Segment Start: DATA RECORDS
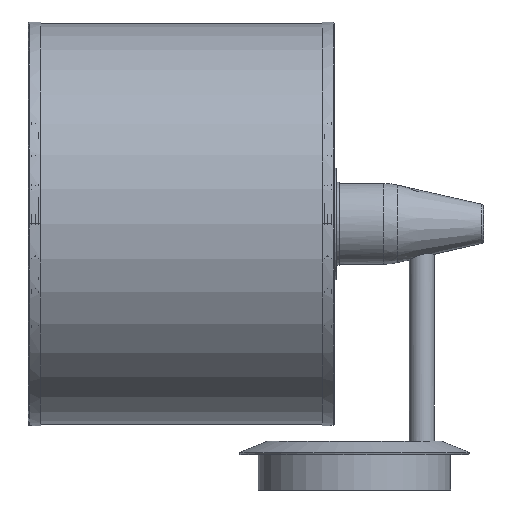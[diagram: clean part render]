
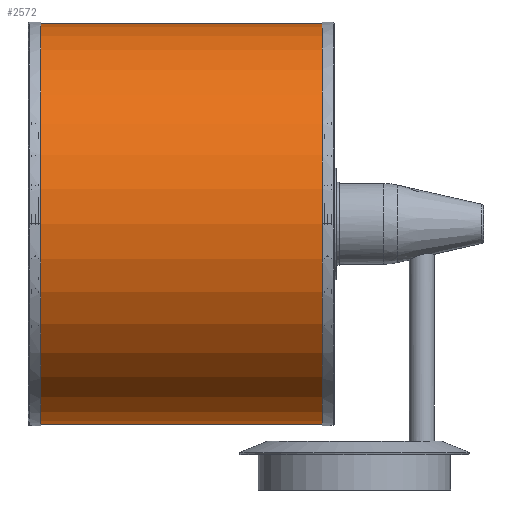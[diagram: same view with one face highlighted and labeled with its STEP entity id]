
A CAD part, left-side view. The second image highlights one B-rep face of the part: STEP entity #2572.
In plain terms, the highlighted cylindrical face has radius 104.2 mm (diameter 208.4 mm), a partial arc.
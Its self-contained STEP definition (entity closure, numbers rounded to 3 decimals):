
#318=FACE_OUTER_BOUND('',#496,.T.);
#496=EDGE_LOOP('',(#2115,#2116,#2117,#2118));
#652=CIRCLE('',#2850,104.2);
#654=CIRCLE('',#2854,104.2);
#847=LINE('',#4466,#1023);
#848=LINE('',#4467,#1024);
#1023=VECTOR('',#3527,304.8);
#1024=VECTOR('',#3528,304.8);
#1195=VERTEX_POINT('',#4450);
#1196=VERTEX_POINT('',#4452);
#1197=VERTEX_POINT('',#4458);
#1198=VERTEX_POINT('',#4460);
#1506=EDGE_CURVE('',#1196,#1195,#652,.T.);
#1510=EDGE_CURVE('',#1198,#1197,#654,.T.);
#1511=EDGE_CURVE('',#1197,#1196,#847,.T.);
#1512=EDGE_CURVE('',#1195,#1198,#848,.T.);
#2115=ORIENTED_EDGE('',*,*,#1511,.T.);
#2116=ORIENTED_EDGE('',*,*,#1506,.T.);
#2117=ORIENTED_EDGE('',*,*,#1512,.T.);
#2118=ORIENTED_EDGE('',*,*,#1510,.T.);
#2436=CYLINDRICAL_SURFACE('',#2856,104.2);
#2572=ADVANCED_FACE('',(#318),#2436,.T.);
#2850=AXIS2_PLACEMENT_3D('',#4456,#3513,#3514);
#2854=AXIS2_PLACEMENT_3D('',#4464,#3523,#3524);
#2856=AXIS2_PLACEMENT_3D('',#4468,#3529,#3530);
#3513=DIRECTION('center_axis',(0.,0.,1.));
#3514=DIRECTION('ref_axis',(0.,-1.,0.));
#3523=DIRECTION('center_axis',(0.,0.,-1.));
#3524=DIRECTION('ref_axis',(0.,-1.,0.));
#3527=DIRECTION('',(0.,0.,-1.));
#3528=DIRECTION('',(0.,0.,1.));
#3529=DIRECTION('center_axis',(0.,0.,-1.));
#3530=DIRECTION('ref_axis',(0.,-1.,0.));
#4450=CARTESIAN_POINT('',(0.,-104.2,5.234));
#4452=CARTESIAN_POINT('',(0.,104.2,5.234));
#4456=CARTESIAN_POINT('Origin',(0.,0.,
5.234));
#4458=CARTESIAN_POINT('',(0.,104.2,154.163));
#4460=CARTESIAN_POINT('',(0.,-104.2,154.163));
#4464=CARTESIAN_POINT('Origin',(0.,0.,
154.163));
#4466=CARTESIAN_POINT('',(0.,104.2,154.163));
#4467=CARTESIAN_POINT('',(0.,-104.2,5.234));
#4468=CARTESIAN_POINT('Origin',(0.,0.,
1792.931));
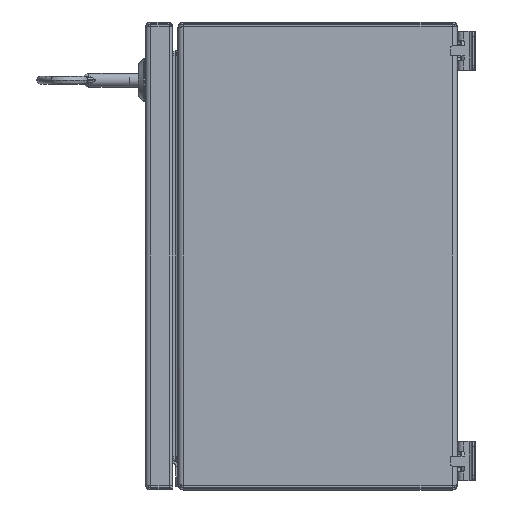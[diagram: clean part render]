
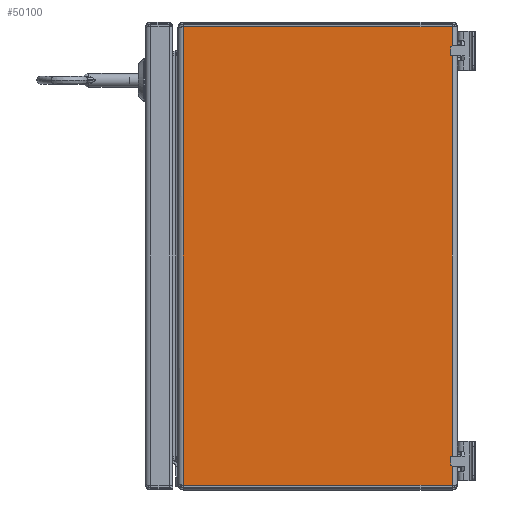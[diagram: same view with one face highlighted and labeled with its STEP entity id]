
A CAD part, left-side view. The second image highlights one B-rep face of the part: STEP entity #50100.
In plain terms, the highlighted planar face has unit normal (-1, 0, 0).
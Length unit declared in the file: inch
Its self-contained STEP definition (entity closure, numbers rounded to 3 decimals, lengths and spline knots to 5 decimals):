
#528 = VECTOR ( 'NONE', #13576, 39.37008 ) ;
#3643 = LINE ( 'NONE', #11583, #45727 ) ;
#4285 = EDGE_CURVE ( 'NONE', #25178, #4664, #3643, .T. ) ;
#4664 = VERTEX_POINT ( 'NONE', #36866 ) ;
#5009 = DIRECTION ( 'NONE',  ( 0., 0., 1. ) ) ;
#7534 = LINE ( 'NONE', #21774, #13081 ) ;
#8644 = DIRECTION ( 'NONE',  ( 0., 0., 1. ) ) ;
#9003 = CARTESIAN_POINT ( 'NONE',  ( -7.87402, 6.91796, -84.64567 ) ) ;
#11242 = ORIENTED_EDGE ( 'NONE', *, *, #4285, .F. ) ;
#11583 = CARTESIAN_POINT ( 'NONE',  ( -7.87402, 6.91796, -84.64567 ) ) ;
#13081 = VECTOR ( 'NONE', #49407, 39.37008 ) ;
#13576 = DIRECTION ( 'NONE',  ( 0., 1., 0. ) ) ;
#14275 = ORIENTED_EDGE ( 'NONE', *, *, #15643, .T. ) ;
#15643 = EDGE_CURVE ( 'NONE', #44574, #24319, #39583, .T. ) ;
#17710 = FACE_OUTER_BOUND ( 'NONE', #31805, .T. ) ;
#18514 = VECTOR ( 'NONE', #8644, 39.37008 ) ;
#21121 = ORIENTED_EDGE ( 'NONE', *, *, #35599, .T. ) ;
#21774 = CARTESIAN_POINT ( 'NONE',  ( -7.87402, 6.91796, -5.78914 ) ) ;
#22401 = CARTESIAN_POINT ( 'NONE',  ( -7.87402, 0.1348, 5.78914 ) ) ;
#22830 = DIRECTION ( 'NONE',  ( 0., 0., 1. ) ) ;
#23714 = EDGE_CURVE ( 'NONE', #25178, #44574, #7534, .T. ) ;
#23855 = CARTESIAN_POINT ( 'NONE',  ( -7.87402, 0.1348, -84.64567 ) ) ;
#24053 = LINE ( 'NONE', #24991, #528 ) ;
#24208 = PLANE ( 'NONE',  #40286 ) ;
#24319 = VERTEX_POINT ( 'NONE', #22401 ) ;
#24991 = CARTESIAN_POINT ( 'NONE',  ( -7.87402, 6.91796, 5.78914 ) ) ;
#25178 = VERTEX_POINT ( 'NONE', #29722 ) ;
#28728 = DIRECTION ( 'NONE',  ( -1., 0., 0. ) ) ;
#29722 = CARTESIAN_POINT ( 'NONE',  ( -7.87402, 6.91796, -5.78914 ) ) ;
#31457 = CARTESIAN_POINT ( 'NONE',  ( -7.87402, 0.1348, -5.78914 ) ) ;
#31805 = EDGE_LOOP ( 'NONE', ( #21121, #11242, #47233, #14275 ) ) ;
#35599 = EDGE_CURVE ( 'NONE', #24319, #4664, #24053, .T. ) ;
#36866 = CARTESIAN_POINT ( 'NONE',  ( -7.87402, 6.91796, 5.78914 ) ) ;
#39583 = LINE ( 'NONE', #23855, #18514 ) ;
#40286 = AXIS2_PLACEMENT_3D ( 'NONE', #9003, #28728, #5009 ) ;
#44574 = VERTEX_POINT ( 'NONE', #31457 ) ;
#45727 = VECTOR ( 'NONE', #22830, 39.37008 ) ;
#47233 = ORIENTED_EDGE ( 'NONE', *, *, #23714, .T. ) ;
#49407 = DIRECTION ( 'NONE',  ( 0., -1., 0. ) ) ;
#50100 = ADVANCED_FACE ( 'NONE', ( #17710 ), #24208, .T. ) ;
Segment End: DATA RECORDS
• TASK: Above are the records; from them, give again exactly the lines from the one containing "#23714 = EDGE_CURVE" to the one containing "#24319 = VERTEX_POINT ( 'NONE', #22401 ) ;", both lines included, and nothing more.

• RESULT OF THIS EXERCISE:
#23714 = EDGE_CURVE ( 'NONE', #25178, #44574, #7534, .T. ) ;
#23855 = CARTESIAN_POINT ( 'NONE',  ( -7.87402, 0.1348, -84.64567 ) ) ;
#24053 = LINE ( 'NONE', #24991, #528 ) ;
#24208 = PLANE ( 'NONE',  #40286 ) ;
#24319 = VERTEX_POINT ( 'NONE', #22401 ) ;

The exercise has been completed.